The student progress record is like an incredibly detailed grade book. It tracks exactly how well a student knows each and every topic and fact they are currently studying. However, instead of recording only a grade or percentage, the DEMML™ progress record stores a set of variables based on Wayne Wickelgren's "Power Law for Forgetting Curves" which accurately describe the student's forgetting curve for that particular fact. A forgetting curve shows not only how well someone knows something now, but also how fast they are likely to forget it in the future. This information can be used by spaced repetition algorithms to predict the best time to review each fact or concept for best retention.

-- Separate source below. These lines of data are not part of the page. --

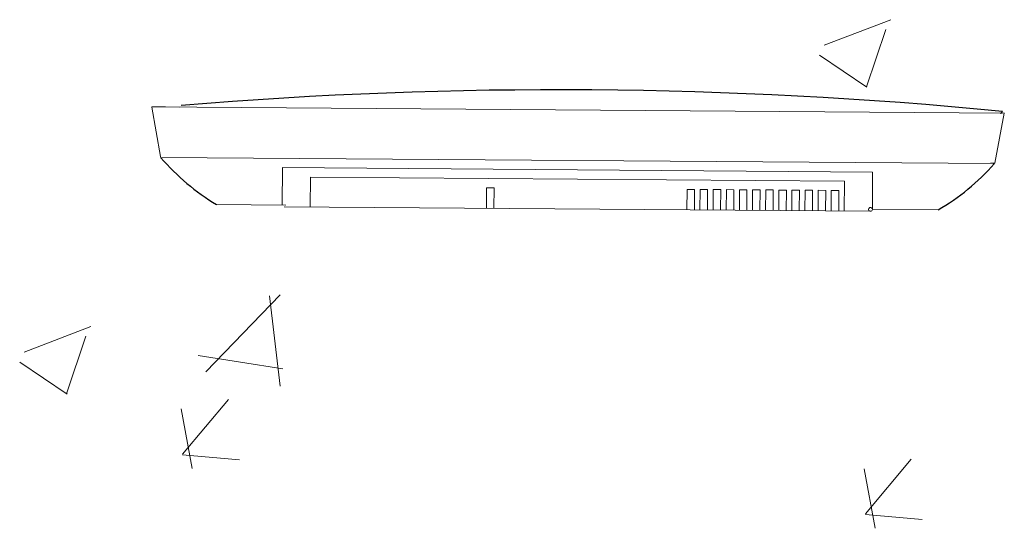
# Model space of a CAD drawing. Header units: feet. Extents: x 8 to 127, y 6 to 90.
# Tile 286 of 538: x 45.157 to 45.42, y 50.105 to 50.241. Entities that reach past the tile are written whole.
import ezdxf

# ---------------------------------------------------------------- set-up
doc = ezdxf.new("R2010")
doc.units = ezdxf.units.FT
doc.header["$MEASUREMENT"] = 0
doc.layers.add('MOBILIÁRIO2', color=250, linetype='Continuous')
doc.layers.add('NO ESPESSURA', color=250, linetype='Continuous')

msp = doc.modelspace()

# ---------------------------------------------------------------- linework, layer by layer
at = {"layer": 'MOBILIÁRIO2', "lineweight": 5}
for p, q in [((45.19236467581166, 50.21756642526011), (45.41984796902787, 50.21587605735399)), ((45.19236467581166, 50.21756642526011), (45.41984796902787, 50.21587605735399)), ((45.19976541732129, 50.21747994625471), (45.19236975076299, 50.21764614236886)), ((45.19976541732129, 50.21747994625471), (45.19236975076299, 50.21764614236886)), ((45.19237230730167, 50.21748721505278), (45.19472661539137, 50.20427060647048)), ((45.19237230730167, 50.21748721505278), (45.19472661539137, 50.20427060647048)), ((45.41727805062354, 50.20252939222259), (45.41983998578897, 50.21581396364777)), ((45.41727805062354, 50.20252939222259), (45.41983998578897, 50.21581396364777)), ((45.41884091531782, 50.21578348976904), (45.41940293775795, 50.21627962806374)), ((45.41884091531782, 50.21578348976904), (45.41940293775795, 50.21627962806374)), ((45.41984810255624, 50.21593911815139), (45.41884091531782, 50.21578348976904)), ((45.41984810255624, 50.21593911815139), (45.41884091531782, 50.21578348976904)), ((45.19472661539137, 50.20427060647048), (45.19484795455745, 50.20394408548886)), ((45.19472661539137, 50.20427060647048), (45.19484795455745, 50.20394408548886)), ((45.19477880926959, 50.20404818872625), (45.4172315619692, 50.20239505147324)), ((45.19477880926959, 50.20404818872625), (45.4172315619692, 50.20239505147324)), ((45.22725343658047, 50.20130777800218), (45.22717942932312, 50.19130805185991)), ((45.22725343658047, 50.20130777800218), (45.22717942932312, 50.19130805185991)), ((45.38471993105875, 50.20013559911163), (45.22725343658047, 50.20130777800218)), ((45.38471993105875, 50.20013559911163), (45.22725343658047, 50.20130777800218)), ((45.41716088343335, 50.2022919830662), (45.41628709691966, 50.20262407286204)), ((45.41628709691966, 50.20262407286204), (45.41727805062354, 50.20252939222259)), ((45.41716088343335, 50.2022919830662), (45.41628709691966, 50.20262407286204)), ((45.41628709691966, 50.20262407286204), (45.41727805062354, 50.20252939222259)), ((45.23466095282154, 50.1907526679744), (45.23472015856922, 50.19875244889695)), ((45.23466095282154, 50.1907526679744), (45.23472015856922, 50.19875244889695)), ((45.23472015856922, 50.19875244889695), (45.37721620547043, 50.19769106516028)), ((45.23472015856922, 50.19875244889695), (45.37721620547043, 50.19769106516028)), ((45.38464592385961, 50.19013587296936), (45.38471993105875, 50.20013559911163)), ((45.38464592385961, 50.19013587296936), (45.38471993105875, 50.20013559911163)), ((45.28170036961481, 50.19590468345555), (45.28165966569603, 50.19040483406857)), ((45.28170036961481, 50.19590468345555), (45.28165966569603, 50.19040483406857)), ((45.28370031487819, 50.19588988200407), (45.28170036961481, 50.19590468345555)), ((45.28370031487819, 50.19588988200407), (45.28170036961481, 50.19590468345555)), ((45.2836596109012, 50.19039003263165), (45.28370031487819, 50.19588988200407)), ((45.2836596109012, 50.19039003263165), (45.28370031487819, 50.19588988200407)), ((45.37721620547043, 50.19769106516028), (45.37715699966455, 50.18969128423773)), ((45.37721620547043, 50.19769106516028), (45.37715699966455, 50.18969128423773)), ((45.3351988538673, 50.19550196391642), (45.3351581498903, 50.19000211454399)), ((45.3351988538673, 50.19550196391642), (45.3351581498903, 50.19000211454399)), ((45.33719879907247, 50.1954871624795), (45.3351988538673, 50.19550196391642)), ((45.33719879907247, 50.1954871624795), (45.3351988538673, 50.19550196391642)), ((45.33715809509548, 50.18998731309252), (45.33719879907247, 50.1954871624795)), ((45.33715809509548, 50.18998731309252), (45.33719879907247, 50.1954871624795)), ((45.3386987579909, 50.1954760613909), (45.33865805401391, 50.18997621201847)), ((45.3386987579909, 50.1954760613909), (45.33865805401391, 50.18997621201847)), ((45.34069870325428, 50.19546125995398), (45.3386987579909, 50.1954760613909)), ((45.34069870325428, 50.19546125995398), (45.3386987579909, 50.1954760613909)), ((45.34065799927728, 50.189961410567), (45.34069870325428, 50.19546125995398)), ((45.34065799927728, 50.189961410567), (45.34069870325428, 50.19546125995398)), ((45.34219866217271, 50.19545015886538), (45.34215795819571, 50.18995030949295)), ((45.34219866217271, 50.19545015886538), (45.34215795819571, 50.18995030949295)), ((45.34419860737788, 50.19543535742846), (45.34219866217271, 50.19545015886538)), ((45.34419860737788, 50.19543535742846), (45.34219866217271, 50.19545015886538)), ((45.34415790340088, 50.18993550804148), (45.34419860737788, 50.19543535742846)), ((45.34415790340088, 50.18993550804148), (45.34419860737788, 50.19543535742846)), ((45.34569856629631, 50.19542425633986), (45.34565786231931, 50.18992440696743)), ((45.34569856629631, 50.19542425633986), (45.34565786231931, 50.18992440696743)), ((45.34769851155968, 50.19540945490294), (45.34569856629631, 50.19542425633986)), ((45.34769851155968, 50.19540945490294), (45.34569856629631, 50.19542425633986)), ((45.34765780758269, 50.18990960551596), (45.34769851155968, 50.19540945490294)), ((45.34765780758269, 50.18990960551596), (45.34769851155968, 50.19540945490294)), ((45.34919847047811, 50.19539835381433), (45.34915776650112, 50.18989850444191)), ((45.34919847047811, 50.19539835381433), (45.34915776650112, 50.18989850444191)), ((45.35119841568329, 50.19538355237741), (45.34919847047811, 50.19539835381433)), ((45.35119841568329, 50.19538355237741), (45.34919847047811, 50.19539835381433)), ((45.35115771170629, 50.18988370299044), (45.35119841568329, 50.19538355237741)), ((45.35115771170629, 50.18988370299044), (45.35119841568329, 50.19538355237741)), ((45.35269837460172, 50.19537245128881), (45.35265767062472, 50.18987260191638)), ((45.35269837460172, 50.19537245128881), (45.35265767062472, 50.18987260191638)), ((45.35469831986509, 50.19535764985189), (45.35269837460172, 50.19537245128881)), ((45.35469831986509, 50.19535764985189), (45.35269837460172, 50.19537245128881)), ((45.3546576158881, 50.18985780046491), (45.35469831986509, 50.19535764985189)), ((45.3546576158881, 50.18985780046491), (45.35469831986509, 50.19535764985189)), ((45.35619827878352, 50.19534654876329), (45.35615757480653, 50.18984669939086)), ((45.35619827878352, 50.19534654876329), (45.35615757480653, 50.18984669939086)), ((45.35819822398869, 50.19533174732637), (45.35619827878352, 50.19534654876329)), ((45.35819822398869, 50.19533174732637), (45.35619827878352, 50.19534654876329)), ((45.3581575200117, 50.18983189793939), (45.35819822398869, 50.19533174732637)), ((45.3581575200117, 50.18983189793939), (45.35819822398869, 50.19533174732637)), ((45.35969818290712, 50.19532064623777), (45.35965747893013, 50.18982079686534)), ((45.35969818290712, 50.19532064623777), (45.35965747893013, 50.18982079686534)), ((45.36169812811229, 50.19530584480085), (45.35969818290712, 50.19532064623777)), ((45.36169812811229, 50.19530584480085), (45.35969818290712, 50.19532064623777)), ((45.36165742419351, 50.18980599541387), (45.36169812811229, 50.19530584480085)), ((45.36165742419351, 50.18980599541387), (45.36169812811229, 50.19530584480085)), ((45.36319808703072, 50.19529474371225), (45.36315738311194, 50.18979489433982)), ((45.36319808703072, 50.19529474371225), (45.36315738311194, 50.18979489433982)), ((45.3651980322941, 50.19527994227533), (45.36319808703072, 50.19529474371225)), ((45.3651980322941, 50.19527994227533), (45.36319808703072, 50.19529474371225)), ((45.36515732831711, 50.1897800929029), (45.3651980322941, 50.19527994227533)), ((45.36515732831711, 50.1897800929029), (45.3651980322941, 50.19527994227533)), ((45.36669799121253, 50.19526884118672), (45.36665728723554, 50.1897689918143)), ((45.36669799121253, 50.19526884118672), (45.36665728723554, 50.1897689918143)), ((45.3686979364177, 50.19525403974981), (45.36669799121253, 50.19526884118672)), ((45.3686979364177, 50.19525403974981), (45.36669799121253, 50.19526884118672)), ((45.36865723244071, 50.18975419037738), (45.3686979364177, 50.19525403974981)), ((45.36865723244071, 50.18975419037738), (45.3686979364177, 50.19525403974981)), ((45.37019789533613, 50.1952429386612), (45.37015719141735, 50.18974308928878)), ((45.37019789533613, 50.1952429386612), (45.37015719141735, 50.18974308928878)), ((45.37219784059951, 50.19522813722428), (45.37019789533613, 50.1952429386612)), ((45.37219784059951, 50.19522813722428), (45.37019789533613, 50.1952429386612)), ((45.37215713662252, 50.18972828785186), (45.37219784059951, 50.19522813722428)), ((45.37215713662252, 50.18972828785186), (45.37219784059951, 50.19522813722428)), ((45.37369779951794, 50.19521703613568), (45.37365709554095, 50.18971718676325)), ((45.37369779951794, 50.19521703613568), (45.37365709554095, 50.18971718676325)), ((45.37569774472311, 50.19520223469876), (45.37369779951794, 50.19521703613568)), ((45.37569774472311, 50.19520223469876), (45.37369779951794, 50.19521703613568)), ((45.37565704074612, 50.18970238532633), (45.37569774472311, 50.19520223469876)), ((45.37565704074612, 50.18970238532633), (45.37569774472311, 50.19520223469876)), ((45.22817953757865, 50.1913006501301), (45.20966533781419, 50.19143767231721)), ((45.22767571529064, 50.19080436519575), (45.38414223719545, 50.18963958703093)), ((45.22767571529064, 50.19080436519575), (45.38414223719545, 50.18963958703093)), ((45.38464592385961, 50.19013587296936), (45.40216001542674, 50.19000625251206)), ((45.38464592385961, 50.19013587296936), (45.40216001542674, 50.19000625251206))]:
    msp.add_line(p, q, dxfattribs=at)
at = {"layer": 'MOBILIÁRIO2'}
for centre, radius, start, end in [((45.300830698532, 49.00723403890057), 1.214845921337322, 84.39886022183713, 94.75122580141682), ((45.300830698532, 49.00723403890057), 1.214845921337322, 84.39886022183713, 94.75122580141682), ((45.41934091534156, 50.21578348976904), 0.0004999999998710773, 0, 0), ((45.41934091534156, 50.21578348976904), 0.0004999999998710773, 0, 0), ((45.19522661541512, 50.20427060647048), 0.000499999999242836, 0, 0), ((45.19522661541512, 50.20427060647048), 0.000499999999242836, 0, 0), ((45.24145853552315, 50.24413660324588), 0.06154660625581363, 220.7713489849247, 238.8974728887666), ((45.24145853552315, 50.24413660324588), 0.06154660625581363, 220.7713489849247, 238.8974728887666), ((45.37115029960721, 50.24316998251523), 0.06154660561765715, 300.2544591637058, 318.3805830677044), ((45.37115029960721, 50.24316998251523), 0.06154660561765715, 300.2544591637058, 318.3805830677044), ((45.4167870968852, 50.20262407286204), 0.0004999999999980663, 0, 0), ((45.4167870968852, 50.20262407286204), 0.0004999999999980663, 0, 0)]:
    msp.add_arc(centre, radius, start, end, dxfattribs=at)
at = {"layer": 'MOBILIÁRIO2', "lineweight": 5}
msp.add_arc((45.38414593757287, 50.19013957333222), 0.0005, 0, 336.9561010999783, dxfattribs=at)
msp.add_arc((45.38414593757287, 50.19013957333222), 0.0005, 0, 336.9561010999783, dxfattribs=at)
at = {"layer": 'NO ESPESSURA', "linetype": 'Continuous', "lineweight": 5}
for p, q in [((45.37177540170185, 50.23396917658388), (45.38956010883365, 50.24079608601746)), ((45.38308678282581, 50.22284937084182), (45.38823695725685, 50.23819838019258)), ((45.37057011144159, 50.23131035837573), (45.38320464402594, 50.22278825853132)), ((45.20683302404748, 50.14676566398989), (45.22661670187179, 50.16738450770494)), ((45.22663609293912, 50.14293840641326), (45.22382987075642, 50.16706075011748)), ((45.15835891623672, 50.1520462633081), (45.17614362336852, 50.15887317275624)), ((45.16967036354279, 50.14092660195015), (45.17482053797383, 50.15627561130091)), ((45.20477382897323, 50.15113274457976), (45.22736372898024, 50.14762924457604)), ((45.15715369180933, 50.14938759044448), (45.16978822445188, 50.14086549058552)), ((45.20060511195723, 50.12483368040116), (45.21285021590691, 50.13942682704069)), ((45.20319128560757, 50.1209599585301), (45.20025438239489, 50.13688135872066)), ((45.20058597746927, 50.12461399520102), (45.21576798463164, 50.12328574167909)), ((45.38278978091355, 50.10889459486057), (45.39503488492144, 50.12348774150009)), ((45.38537539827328, 50.10502076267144), (45.3824384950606, 50.12094216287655)), ((45.38277064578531, 50.10867490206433), (45.39795265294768, 50.1073466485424))]:
    msp.add_line(p, q, dxfattribs=at)

doc.saveas('drawing.dxf')

Though software developers can store this information any way they choose within their software, this schema will provide a guide as to what must be stored as well as a format for exporting and importing this data so users will be able to switch to different software if they like.

Historical Record

If a student chooses to "opt in" their software will store a history of their every interaction with the DEMML™ content. It will record when they first start on a topic, which explanations they choose, what Items are used for quiz and review, and when as well as the student's responses. It will track how their forgetting curves change with each repetition of the material. This data will then be uploaded and added to a gigantic database for education researchers to analyze for information as to what works best for whom.